Users expect fast responses. Streaming the LLM output token-by-token gives a perceived latency of ~200ms (time to first token) instead of 2–5 seconds (time to full response).

from openai import OpenAI

client = OpenAI()

def stream_rag_response(question: str, context: str):
    """Stream the RAG response token by token."""
    stream = client.chat.completions.create(
        model="gpt-4o",
        messages=[
            {"role": "system", "content": f"Answer based on this context:\n{context}"},
            {"role": "user", "content": question}
        ],
        stream=True
    )

    full_response = ""
    for chunk in stream:
        if chunk.choices[0].delta.content:
            token = chunk.choices[0].delta.content
            full_response += token
            yield token  # Send to client immediately

    # After streaming completes, run citation verification
    # on the full response (async, non-blocking)
    return full_response

# FastAPI streaming endpoint
from fastapi import FastAPI
from fastapi.responses import StreamingResponse

app = FastAPI()

@app.post("/ask")
async def ask(question: str):
    context = retrieve_context(question)  # Your retrieval pipeline
    return StreamingResponse(
        stream_rag_response(question, context),
        media_type="text/plain"
    )

Context Window Management

Every LLM has a finite context window.
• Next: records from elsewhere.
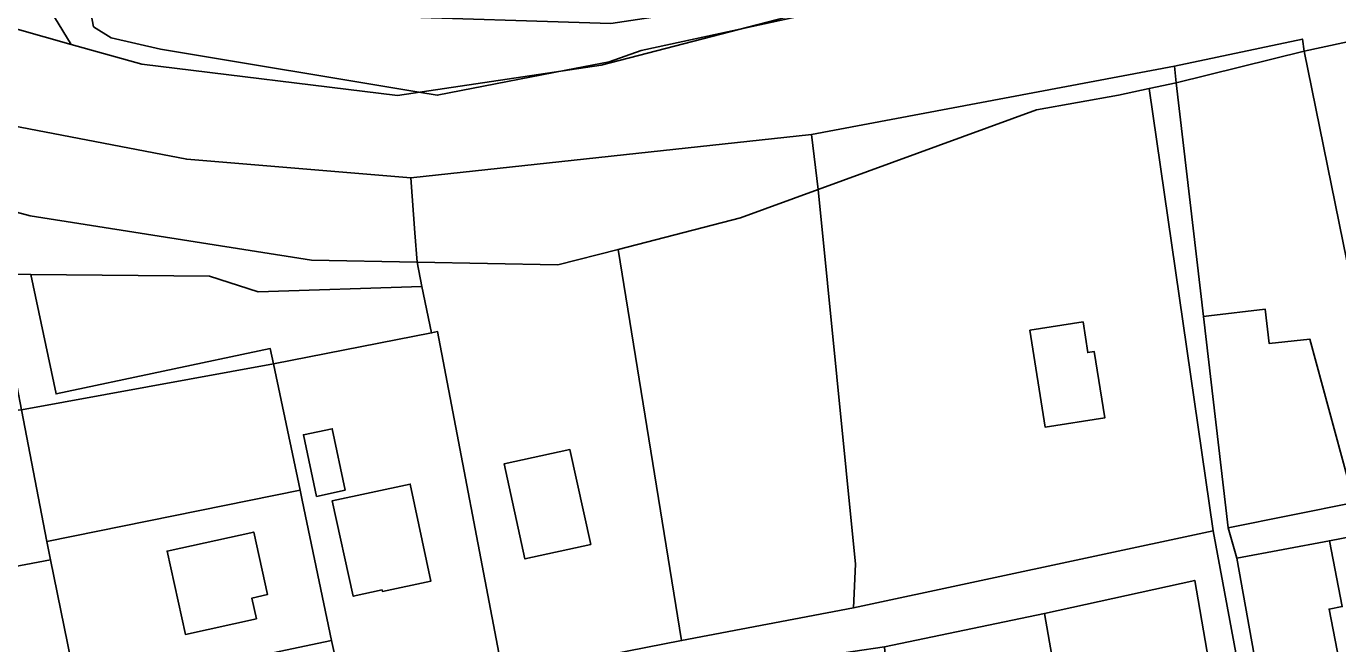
# Model space of a CAD drawing. Extents: x -477304 to -465429, y -1159113 to -1149210.
# Drawn here: x -473975.7 to -473800.3, y -1153960.4 to -1153877.8 of the extents above; entities that cross this region are included whole.
import ezdxf

# ---------------------------------------------------------------- set-up
doc = ezdxf.new("R2010")
doc.units = 0
for name, color, linetype in [('BPEJ_s', 7, 'Continuous'), ('orna_s', 7, 'Continuous'), ('ostatni_s', 7, 'Continuous'), ('PUPFL_s', 7, 'Continuous'), ('trav_porost_s', 7, 'Continuous'), ('voda_s', 7, 'Continuous'), ('zahrada_s', 7, 'Continuous')]:
    doc.layers.add(name, color=color, linetype=linetype)

msp = doc.modelspace()

# ---------------------------------------------------------------- linework, layer by layer
at = {"layer": 'BPEJ_s'}
for points in [[(-473966.69, -1153877.87), (-473964.35, -1153879.36), (-473957.75, -1153880.85), (-473923.19, -1153886.61), (-473920.73, -1153887.02), (-473903.55, -1153883.68), (-473897.75, -1153882.55), (-473893.49, -1153881.06), (-473881.33, -1153878.43), (-473867.96, -1153875.53), (-473862, -1153875.11), (-473850.3, -1153872.13), (-473849.66, -1153871.28), (-473847.53, -1153870.85), (-473846.43, -1153869.56), (-473843.91, -1153866.59), (-473844.32, -1153864.85), (-473846.61, -1153855), (-473835.19, -1153853.83), (-473827.53, -1153851.27), (-473807.1, -1153846.59), (-473801.15, -1153843.83), (-473796.87, -1153843.04)], [(-473867.96, -1153875.53), (-473881.33, -1153878.43), (-473893.49, -1153881.06), (-473897.75, -1153882.55), (-473903.55, -1153883.68), (-473920.73, -1153887.02), (-473923.19, -1153886.61), (-473957.75, -1153880.85), (-473964.35, -1153879.36), (-473966.69, -1153877.87), (-473967.25, -1153875.08)], [(-473967.25, -1153875.08), (-473966.69, -1153877.87)]]:
    msp.add_lwpolyline(points, dxfattribs=at)
at = {"layer": 'orna_s'}
for points in [[(-473994.36, -1153873.21), (-473973.05, -1153874.77), (-473969.67, -1153880.22)], [(-473976.32, -1153929.08), (-473942.63, -1153922.95), (-473939.06, -1153939.83), (-473972.94, -1153946.68)], [(-474016.08, -1153936.62), (-474013.28, -1153935.93), (-474008.92, -1153934.86), (-474004.55, -1153933.78), (-474000.19, -1153932.72), (-473995.82, -1153931.64), (-473991.25, -1153930.52), (-473976.32, -1153929.08), (-473972.94, -1153946.68), (-473972.44, -1153949.16), (-474012.08, -1153956.62)], [(-473972.94, -1153946.68), (-473939.06, -1153939.83), (-473938.78, -1153941.15), (-473934.9, -1153959.93), (-473968.81, -1153967.07), (-473972.44, -1153949.16)], [(-473945.51, -1153954.26), (-473943.44, -1153953.8), (-473945.28, -1153945.43), (-473956.87, -1153947.98), (-473954.42, -1153959.11), (-473944.91, -1153957.02)], [(-473968.81, -1153967.07), (-473968.62, -1153968.03), (-474008.26, -1153976.21), (-474012.08, -1153956.62), (-473972.44, -1153949.16)], [(-473810.98, -1154001.08), (-473830.99, -1154005.36), (-473839.53, -1153956.34), (-473819.47, -1153951.9)]]:
    msp.add_lwpolyline(points, close=True, dxfattribs=at)
at = {"layer": 'ostatni_s'}
for points in [[(-473805.87, -1154001.76), (-473806.5, -1154001.88), (-473816.99, -1153945.28), (-473825.56, -1153886.13), (-473821.95, -1153885.37), (-473818.31, -1153916.59), (-473815.01, -1153944.88), (-473813.84, -1153948.94), (-473808.96, -1153976.03), (-473808.63, -1153977.84), (-473804.37, -1154001.46)], [(-473937.55, -1153909.09), (-473923.44, -1153909.34), (-473922.79, -1153912.59), (-473944.67, -1153913.29), (-473951.18, -1153911.2), (-473975.07, -1153910.99), (-473979.83, -1153910.9), (-473990.75, -1153911.15), (-473991.25, -1153930.52), (-473992.17, -1153923.95), (-473992.31, -1153922.96), (-473993.68, -1153898.18), (-473975.15, -1153903.14)], [(-473809.5, -1153920.24), (-473804.09, -1153919.62), (-473798.13, -1153941.47), (-473815.01, -1153944.88), (-473818.31, -1153916.59), (-473817.6, -1153916.51), (-473810.03, -1153915.64)], [(-473744.27, -1153935), (-473767.16, -1153939.87), (-473780.23, -1153942.47), (-473790.32, -1153944.47), (-473793.85, -1153945.14), (-473801.46, -1153946.59), (-473813.84, -1153948.94), (-473815.01, -1153944.88), (-473798.13, -1153941.47), (-473792.76, -1153940.37), (-473773.42, -1153936.36), (-473767.45, -1153935.02), (-473750.61, -1153931.25), (-473721.88, -1153925.98), (-473723.76, -1153915.77), (-473706.85, -1153928.52), (-473717.04, -1153929.64), (-473721.07, -1153930.43)], [(-473841.51, -1153918.45), (-473834.4, -1153917.34), (-473833.77, -1153921.43), (-473832.89, -1153921.29), (-473831.48, -1153930.15), (-473839.48, -1153931.39)], [(-473942.63, -1153922.95), (-473921.5, -1153918.8), (-473920.7, -1153918.63), (-473911.94, -1153964.61), (-473915.77, -1153965.38), (-473932.94, -1153968.82), (-473934.9, -1153959.93), (-473938.78, -1153941.15), (-473939.06, -1153939.83)], [(-473936.87, -1153940.66), (-473938.63, -1153932.43), (-473934.77, -1153931.61), (-473933.06, -1153939.82)], [(-473938.63, -1153932.43), (-473936.87, -1153940.66), (-473933.06, -1153939.82), (-473934.77, -1153931.61)], [(-473900.2, -1153947.09), (-473909.01, -1153949.03), (-473911.81, -1153936.33), (-473903.01, -1153934.4)], [(-473924.36, -1153939.02), (-473921.59, -1153951.99), (-473928.08, -1153953.38), (-473928.12, -1153953.16), (-473931.97, -1153954.01), (-473934.8, -1153941.27)], [(-473921.59, -1153951.99), (-473924.36, -1153939.02), (-473934.8, -1153941.27), (-473931.97, -1153954.01), (-473928.12, -1153953.16), (-473928.08, -1153953.38)], [(-473798.47, -1153973.99), (-473800.21, -1153965.01), (-473799.72, -1153964.91), (-473800.43, -1153961.28), (-473801.51, -1153955.73), (-473799.74, -1153955.4), (-473801.46, -1153946.59), (-473793.85, -1153945.14), (-473790.32, -1153944.47), (-473787.38, -1153958.75), (-473784.46, -1153972.92), (-473808.63, -1153977.84), (-473808.96, -1153976.03)], [(-473954.42, -1153959.11), (-473956.87, -1153947.98), (-473945.28, -1153945.43), (-473943.44, -1153953.8), (-473945.51, -1153954.26), (-473944.91, -1153957.02)], [(-473810.98, -1154001.08), (-473819.47, -1153951.9), (-473839.53, -1153956.34), (-473860.93, -1153960.79), (-473865.16, -1153961.42), (-473881.2, -1153963.82), (-473900.35, -1153967.83), (-473914.63, -1153971.41), (-473915.77, -1153965.38), (-473911.94, -1153964.61), (-473888.08, -1153959.95), (-473865.09, -1153955.58), (-473816.99, -1153945.28), (-473806.5, -1154001.88), (-473811.62, -1154002.91)], [(-473934.9, -1153959.93), (-473932.94, -1153968.82), (-473915.77, -1153965.38), (-473914.63, -1153971.41), (-473933.06, -1153976.04), (-473965.58, -1153982.7), (-473968.62, -1153968.03), (-473968.81, -1153967.07)]]:
    msp.add_lwpolyline(points, close=True, dxfattribs=at)
at = {"layer": 'PUPFL_s'}
msp.add_lwpolyline([(-473898.84, -1153882.98), (-473926.07, -1153887.04), (-473960.25, -1153882.89), (-473969.67, -1153880.22), (-473973.05, -1153874.77), (-473959.66, -1153875.49), (-473897.54, -1153877.44), (-473849.63, -1153870.19)], close=True, dxfattribs=at)
at = {"layer": 'trav_porost_s'}
for points in [[(-473864.84, -1153949.72), (-473869.82, -1153899.62), (-473840.62, -1153888.98), (-473829.66, -1153887.01), (-473825.56, -1153886.13), (-473816.99, -1153945.28), (-473865.09, -1153955.58)], [(-473896.57, -1153907.65), (-473880.2, -1153903.41), (-473869.82, -1153899.62), (-473864.84, -1153949.72), (-473865.09, -1153955.58), (-473888.08, -1153959.95)], [(-473904.64, -1153909.68), (-473896.57, -1153907.65), (-473888.08, -1153959.95), (-473911.94, -1153964.61), (-473920.7, -1153918.63), (-473921.5, -1153918.8), (-473922.79, -1153912.59), (-473923.44, -1153909.34)], [(-473975.07, -1153910.99), (-473971.7, -1153926.95), (-473943.06, -1153920.9), (-473942.63, -1153922.95), (-473976.32, -1153929.08), (-473979.83, -1153910.9)], [(-473943.06, -1153920.9), (-473971.7, -1153926.95), (-473975.07, -1153910.99), (-473951.18, -1153911.2), (-473944.67, -1153913.29), (-473922.79, -1153912.59), (-473921.5, -1153918.8), (-473942.63, -1153922.95)], [(-473834.4, -1153917.34), (-473841.51, -1153918.45), (-473839.48, -1153931.39), (-473831.48, -1153930.15), (-473832.89, -1153921.29), (-473833.77, -1153921.43)], [(-473900.2, -1153947.09), (-473903.01, -1153934.4), (-473911.81, -1153936.33), (-473909.01, -1153949.03)], [(-473857.34, -1154011), (-473860.93, -1153960.79), (-473839.53, -1153956.34), (-473830.99, -1154005.36)]]:
    msp.add_lwpolyline(points, close=True, dxfattribs=at)
at = {"layer": 'voda_s'}
for points in [[(-474303.54, -1153897.14), (-474290.58, -1153895.88), (-474227.94, -1153885.74), (-474202.37, -1153879.94), (-474165.39, -1153867.04), (-474084.14, -1153854.43), (-474075.98, -1153856.54), (-474082.42, -1153862.08), (-474032.41, -1153869.61), (-474028.31, -1153870.23), (-474021.95, -1153871.19), (-473994.36, -1153873.21), (-473969.67, -1153880.22), (-473960.25, -1153882.89), (-473926.07, -1153887.04), (-473898.84, -1153882.98), (-473849.63, -1153870.19), (-473788.82, -1153858.15)], [(-473790.98, -1153878.15), (-473804.82, -1153881.15), (-473805.07, -1153879.52), (-473822.18, -1153883.15)], [(-473822.18, -1153883.15), (-473870.69, -1153892.26), (-473924.26, -1153898.05), (-473954.23, -1153895.59), (-474002.08, -1153886.41), (-474029.19, -1153884.99), (-474033.25, -1153884.67), (-474070.79, -1153881.76), (-474111.86, -1153880.56), (-474124.8, -1153881.9), (-474137.52, -1153883.22), (-474158.45, -1153886.88), (-474226.83, -1153901.64), (-474299.74, -1153913.67), (-474358.78, -1153912.41)]]:
    msp.add_lwpolyline(points, dxfattribs=at)
for points in [[(-473804.82, -1153881.15), (-473821.95, -1153885.37), (-473822.18, -1153883.15), (-473805.07, -1153879.52)], [(-473829.66, -1153887.01), (-473840.62, -1153888.98), (-473869.82, -1153899.62), (-473870.69, -1153892.26), (-473822.18, -1153883.15), (-473821.95, -1153885.37), (-473825.56, -1153886.13)], [(-473975.15, -1153903.14), (-473993.68, -1153898.18), (-474001.25, -1153896.15), (-474025.83, -1153891.99), (-474029.56, -1153891.23), (-474029.19, -1153884.99), (-474002.08, -1153886.41), (-473954.23, -1153895.59), (-473924.26, -1153898.05), (-473923.72, -1153905.44), (-473923.44, -1153909.34), (-473937.55, -1153909.09)], [(-473904.64, -1153909.68), (-473923.44, -1153909.34), (-473923.72, -1153905.44), (-473924.26, -1153898.05), (-473870.69, -1153892.26), (-473869.82, -1153899.62), (-473880.2, -1153903.41), (-473896.57, -1153907.65)]]:
    msp.add_lwpolyline(points, close=True, dxfattribs=at)
at = {"layer": 'zahrada_s'}
for points in [[(-473790.98, -1153878.15), (-473785.03, -1153879.61), (-473778.22, -1153912.96), (-473790.64, -1153915.35), (-473794.16, -1153916.1), (-473797.56, -1153916.82), (-473804.82, -1153881.15)], [(-473810.03, -1153915.64), (-473817.6, -1153916.51), (-473818.31, -1153916.59), (-473821.95, -1153885.37), (-473804.82, -1153881.15), (-473797.56, -1153916.82), (-473792.76, -1153940.37), (-473798.13, -1153941.47), (-473804.09, -1153919.62), (-473809.5, -1153920.24)], [(-473799.72, -1153964.91), (-473800.21, -1153965.01), (-473798.47, -1153973.99), (-473808.96, -1153976.03), (-473813.84, -1153948.94), (-473801.46, -1153946.59), (-473799.74, -1153955.4), (-473801.51, -1153955.73), (-473800.43, -1153961.28)]]:
    msp.add_lwpolyline(points, close=True, dxfattribs=at)

doc.saveas('drawing.dxf')

When your retrieved chunks exceed this limit, you need a strategy to fit the most relevant content into the available space.

Token Budget Allocation

import tiktoken

def allocate_context(
    question: str,
    chunks: list[dict],
    model: str = "gpt-4o",
    max_context_tokens: int = 12000,  # Reserve space for system prompt + answer
) -> list[dict]:
    """Select chunks that fit within the token budget."""
    enc = tiktoken.encoding_for_model(model)

    selected = []
    used_tokens = len(enc.encode(question)) + 500  # 500 for system prompt overhead

    for chunk in chunks:  # Assumes chunks are already ranked by relevance
        chunk_tokens = len(enc.encode(chunk["text"]))
        if used_tokens + chunk_tokens <= max_context_tokens:
            selected.append(chunk)
            used_tokens += chunk_tokens
        else:
            break  # Stop adding chunks when budget is exhausted

    return selected

# Example token budget for GPT-4o (128K context):
# System prompt:     ~500 tokens
# Retrieved context: ~12,000 tokens (5-10 chunks)
# User question:     ~100 tokens
# Reserved for answer: ~4,000 tokens
# Total used:        ~16,600 tokens (well within 128K)
💡
Apply at work: Even though GPT-4o supports 128K tokens, keep your context to 10–15K tokens. Research shows that LLM accuracy degrades with very long contexts (the "lost in the middle" problem). More context is not always better — more relevant context is.

Key Takeaways

  • RAG system prompts must explicitly constrain the model to answer only from provided context.
  • Format retrieved chunks with numbered source labels to enable reliable inline citations.
  • Layer multiple hallucination defenses: prompt constraints, self-consistency checks, and confidence scoring.
  • Stream responses to reduce perceived latency from seconds to milliseconds.
  • Keep context to 10–15K tokens even with large context windows — more relevant content beats more content.